Previous polls have shown Bostonians opposing the death penalty for Tsarnaev. A Boston Globe survey conducted in September 2013, five months after the bombings, found that 57 percent favored life in prison while 33 percent wanted him put to death.

But the WBUR poll is the first to be conducted since Tsarnaev’s lawyers admitted this month that he had participated in the crimes. And it was conducted in the midst of his trial, which has included survivors recounting the graphic details of their limbs being blown off, and of loved ones being killed.

The poll clearly shows that Boston voters have nonetheless not changed their minds about his potential punishment, pointing to the enduring depth of sentiment here against the death penalty.

Steve Koczela, president of MassINC Polling Group, which conducted the survey for WBUR, said he initially expected to find that support for the death penalty had intensified, given the grim testimony about the bombings, the worst terrorist attack on American soil since Sept. 11, 2001.

But, he said, the poll’s results reflect the region’s fundamental liberalism and its longtime opposition to capital punishment.

"It seems voters stuck to their core values," Koczela said.

New England was in the forefront of the movement to abolish capital punishment in the mid-1800s. Massachusetts did not do so until 1984. But the state has not carried out an execution since 1947. And the state Legislature has withstood attempts to revive the death penalty, even in the immediate aftermath of the marathon bombings.

Tsarnaev is facing death now because he has been charged under federal law, not state law. Attorney General Eric H. Holder Jr., who personally opposes the death penalty, nonetheless authorized it for Tsarnaev, saying that "the nature of the conduct at issue and the resultant harm compel this decision." The Justice Department is determined to get a death sentence and has refused overtures from Tsarnaev to plead guilty in exchange for a life sentence.

Opinion here stands in sharp contrast to that of the nation as a whole. The most recent Gallup survey, from October, says that 63 percent of Americans support the death penalty for convicted murderers. Gallup has not polled nationally on whether Tsarnaev specifically should be put to death.

But generally, legal experts say, the Northeast is the least hospitable section of the country to the death penalty. Since 1976, when the Supreme Court reinstated it, the Northeast has carried out four executions, one in Connecticut and three in Pennsylvania; the South, by contrast, has carried out 1,137, with 518 in Texas alone.

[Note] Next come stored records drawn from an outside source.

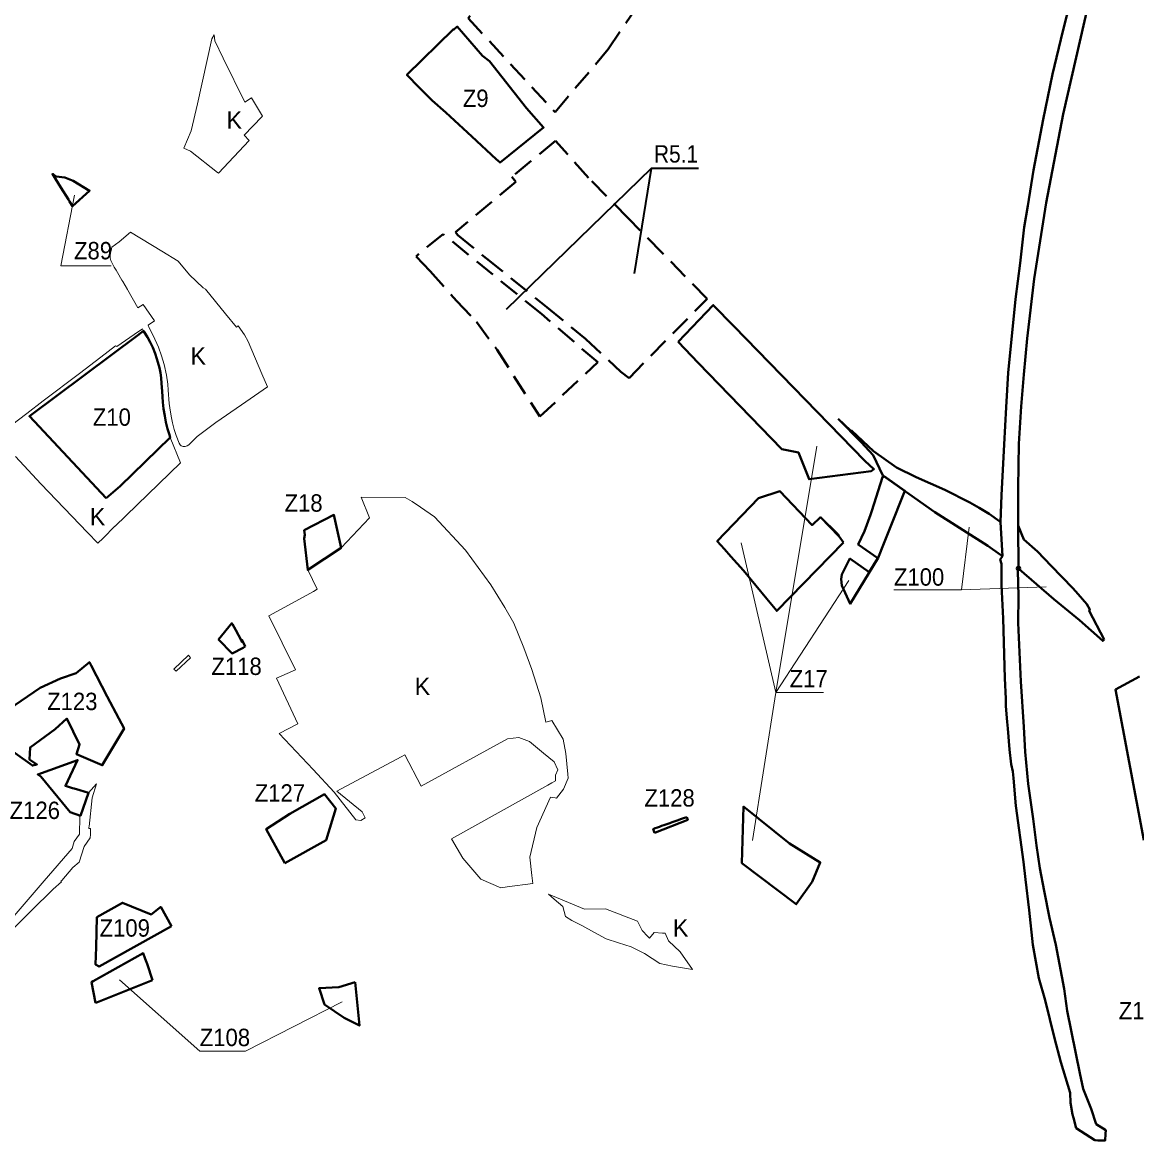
# Model space of a CAD drawing. Extents: x -650276 to -642489, y -1074311 to -1066658.
# Drawn here: x -646722 to -645184, y -1073293 to -1071749 of the extents above; entities that cross this region are included whole.
import ezdxf

# ---------------------------------------------------------------- set-up
doc = ezdxf.new("R2010")
doc.units = 0
doc.header["$LTSCALE"] = 9.6
doc.header["$PDMODE"] = 32
doc.header["$PDSIZE"] = 4.8
doc.linetypes.add('MEDIUM_DASHED', pattern=[4.5, 3, -1.5])
for name, color, linetype, lineweight in [('44', 7, 'Continuous', 40), ('45', 7, 'Continuous', 40), ('46', 7, 'Continuous', 13), ('47', 7, 'Continuous', 13), ('48', 7, 'Continuous', 13), ('61', 7, 'MEDIUM_DASHED', 40), ('62', 7, 'Continuous', 35)]:
    doc.layers.add(name, color=color, linetype=linetype, lineweight=lineweight)

msp = doc.modelspace()

# ---------------------------------------------------------------- linework, layer by layer
at = {"layer": '44'}
for points in [[(-645347.551, -1072443.527), (-645347.677, -1072391.355), (-645346.62, -1072330.914), (-645343.458, -1072278.998), (-645339.908, -1072235.158), (-645335.367, -1072185.207), (-645325.498, -1072102.789), (-645309.01, -1071998.147), (-645285.617, -1071875.733), (-645244.798, -1071696.585), (-645235.793, -1071663.703), (-645230.436, -1071634.261), (-645227.905, -1071625.277), (-645222.48, -1071606.08)], [(-645261.094, -1071645.025), (-645264.841, -1071657.687), (-645269.077, -1071687.396), (-645274.868, -1071717.176), (-645286.175, -1071761.228), (-645300.076, -1071820.179), (-645313.153, -1071883.081)], [(-645313.153, -1071883.081), (-645326.343, -1071952.807), (-645334.118, -1072001.954), (-645339.455, -1072031.565), (-645344.819, -1072081.225), (-645351.358, -1072130.815), (-645361.317, -1072232.824), (-645364.435, -1072280.268), (-645366.951, -1072331.609), (-645370.624, -1072401.447), (-645372.228, -1072438.764)], [(-645369.364, -1072485.931), (-645372.228, -1072438.764), (-645373.099, -1072438.135), (-645387.894, -1072427.453), (-645401.441, -1072419.033), (-645414.631, -1072411.611), (-645448.831, -1072394.325), (-645488.64, -1072376.782), (-645515.437, -1072363.447), (-645547.593, -1072340.827), (-645577.33, -1072312.704), (-645579.217, -1072312.425), (-645596.405, -1072296.114)], [(-645596.405, -1072296.114), (-645564.4, -1072328.61), (-645547.72, -1072346.19), (-645534.301, -1072374.332), (-645462.646, -1072425.015)], [(-645462.646, -1072425.015), (-645389.731, -1072471.612), (-645372.013, -1072484.069), (-645369.364, -1072485.931)], [(-645339.904, -1072462.677), (-645342.953, -1072455.042), (-645347.551, -1072443.527), (-645347.292, -1072502.877)], [(-645228.96, -1072600.865), (-645249.9, -1072561.25), (-645248.967, -1072559.511), (-645252.768, -1072552.178), (-645265.009, -1072538.358), (-645272.276, -1072530.154), (-645302.303, -1072499.014), (-645320.805, -1072479.495), (-645339.904, -1072462.677)], [(-645369.364, -1072485.931), (-645372.72, -1072490.314), (-645370.928, -1072496.619), (-645370.755, -1072525.734), (-645368.173, -1072571.881), (-645366.022, -1072654.462), (-645364.524, -1072682.575), (-645364.786, -1072692.977), (-645362.708, -1072714.781)], [(-645338.023, -1072755.969), (-645339.96, -1072721.587), (-645344.152, -1072658.857), (-645347.795, -1072577.893), (-645347.214, -1072540.97), (-645348.253, -1072505.583), (-645347.292, -1072502.877)], [(-645347.292, -1072502.877), (-645346.093, -1072503.921), (-645298.498, -1072545.352)], [(-645298.498, -1072545.352), (-645263.217, -1072574.314), (-645230.845, -1072602.888), (-645228.96, -1072600.865)], [(-645362.708, -1072714.781), (-645361.874, -1072723.527), (-645359.76, -1072752.865), (-645357.272, -1072772.771), (-645355.121, -1072782.993)], [(-645317.65, -1072916.642), (-645322.284, -1072885.085), (-645327.091, -1072848.387), (-645333.718, -1072799.987), (-645338.023, -1072755.969)], [(-645355.121, -1072782.993), (-645354.019, -1072792.454), (-645350.822, -1072830.388), (-645340.345, -1072908.029), (-645337.34, -1072932.073), (-645332.517, -1072974.538), (-645327.554, -1073022.214), (-645319.052, -1073068.6), (-645310.558, -1073098.946), (-645297.395, -1073151.294), (-645288.647, -1073184.518), (-645276.125, -1073226.571), (-645275.269, -1073240.71), (-645272.747, -1073256.762), (-645271.518, -1073261.16)], [(-645304.24, -1072985.372), (-645311.772, -1072947.945), (-645317.65, -1072916.642)], [(-645257.842, -1073221.36), (-645262.388, -1073199.409), (-645279.878, -1073113.356), (-645284.269, -1073083.286), (-645295.788, -1073022.556), (-645304.24, -1072985.372)], [(-645237.524, -1073292.361), (-645227.744, -1073292.735), (-645227.199, -1073283.366), (-645226.847, -1073278.345), (-645239.9, -1073270.025), (-645247.051, -1073248.736), (-645257.842, -1073221.36)], [(-645271.518, -1073261.16), (-645267.525, -1073275.443), (-645241.72, -1073292.2), (-645237.524, -1073292.361)]]:
    msp.add_lwpolyline(points, dxfattribs=at)
msp.add_lwpolyline([(-646652.18, -1071967.73), (-646629.655, -1071981.343), (-646653.198, -1072002.544), (-646657.32, -1071995.98), (-646658.79, -1071993.62), (-646669.31, -1071976.77), (-646676.79, -1071964.97), (-646681.07, -1071958.16), (-646675.99, -1071961.64), (-646663.87, -1071963.26)], close=True, dxfattribs=at)
at = {"layer": '44', "lineweight": 13}
for points in [[(-646599.686, -1072084.891), (-646669.193, -1072084.891), (-646650.508, -1071987.658)], [(-646599.686, -1072084.891), (-646669.193, -1072084.891), (-646650.508, -1071987.658)], [(-645519.31, -1072532.095), (-645425.882, -1072532.095), (-645415.202, -1072445.813), (-645425.882, -1072532.095), (-645309.26, -1072527.964)], [(-645519.31, -1072532.095), (-645425.882, -1072532.095), (-645415.202, -1072445.813), (-645425.882, -1072532.095), (-645309.26, -1072527.964)]]:
    msp.add_lwpolyline(points, dxfattribs=at)
at = {"layer": '44'}
msp.add_point((-645347.292, -1072502.877), dxfattribs=at)
at = {"layer": '45'}
msp.add_line((-646417.787, -1072612.168), (-646414.77, -1072610.61), dxfattribs=at)
for points in [[(-646102.04, -1071906.4), (-646068.317, -1071937.555), (-646062.91, -1071942.55), (-646002.93, -1071893.984), (-646026.64, -1071867.44), (-646043.49, -1071845.87), (-646077.32, -1071802.59), (-646087, -1071795), (-646104.5, -1071774.86), (-646122.16, -1071754.78), (-646127.12, -1071759.15), (-646127.84, -1071758.53), (-646191.57, -1071821.44), (-646174.69, -1071838.69), (-646156.59, -1071856.53), (-646137.74, -1071873.31)], [(-645817.219, -1072189.975), (-645768.649, -1072139.283), (-645740.45, -1072168.23), (-645559.34, -1072354.42), (-645546.82, -1072365.72), (-645550.41, -1072368.47), (-645636.37, -1072379.57), (-645650.78, -1072342.73), (-645674, -1072338), (-645789.298, -1072218.833)], [(-646606.848, -1072405.785), (-646587.666, -1072389.082), (-646518.208, -1072321.92), (-646519.417, -1072318.408), (-646522.007, -1072309.932), (-646524.282, -1072300.849), (-646526, -1072292.201), (-646527.5, -1072282.657), (-646528.566, -1072273.308), (-646529.182, -1072265.941), (-646529.607, -1072258.124), (-646530.188, -1072247.442), (-646530.892, -1072239.747), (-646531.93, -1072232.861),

Analysts say that several factors explain the attitudes here. John Donohue, a professor at Stanford Law School, who was involved in death penalty research while teaching at Yale, said liberal politics and higher education, both hallmarks of New England, correlate with anti-death penalty sentiment. In addition, he said, New England has relatively low rates of crime, so fewer people here call for death as punishment.

Austin Sarat, a professor of jurisprudence at Amherst College in Massachusetts, said attitudes in New England toward the death penalty tended to be "utilitarian."

"People think about whether it works, whether it deters crime, whether it makes us safer," Sarat said.

And, he noted, Rhode Island and Massachusetts have the nation’s highest rates per capita of Roman Catholics. Even though church attendance here is relatively low, he said, "the American Catholic Church’s anti-death penalty position has played a role in sustaining the opposition."

The WBUR poll found that opposition toward the death penalty was not as great in the Boston metropolitan region as it was in the city itself, but those in the metro area still preferred a sentence of life in prison over death: 49 percent favored sending Tsarnaev to prison for life, while 38 percent opted for death.

This might hearten the defense, but the poll does not necessarily reflect the views of the jurors who will decide the case. The jury was selected from beyond metro Boston to all of eastern Massachusetts, where support for the death penalty is greater.

The poll interviewed 504 registered voters from March 16-18 and has a margin of sampling error of plus or minus 5 percentage points. It interviewed 229 voters in Boston; that portion of the poll has a margin of sampling error of plus or minus 7 percentage points.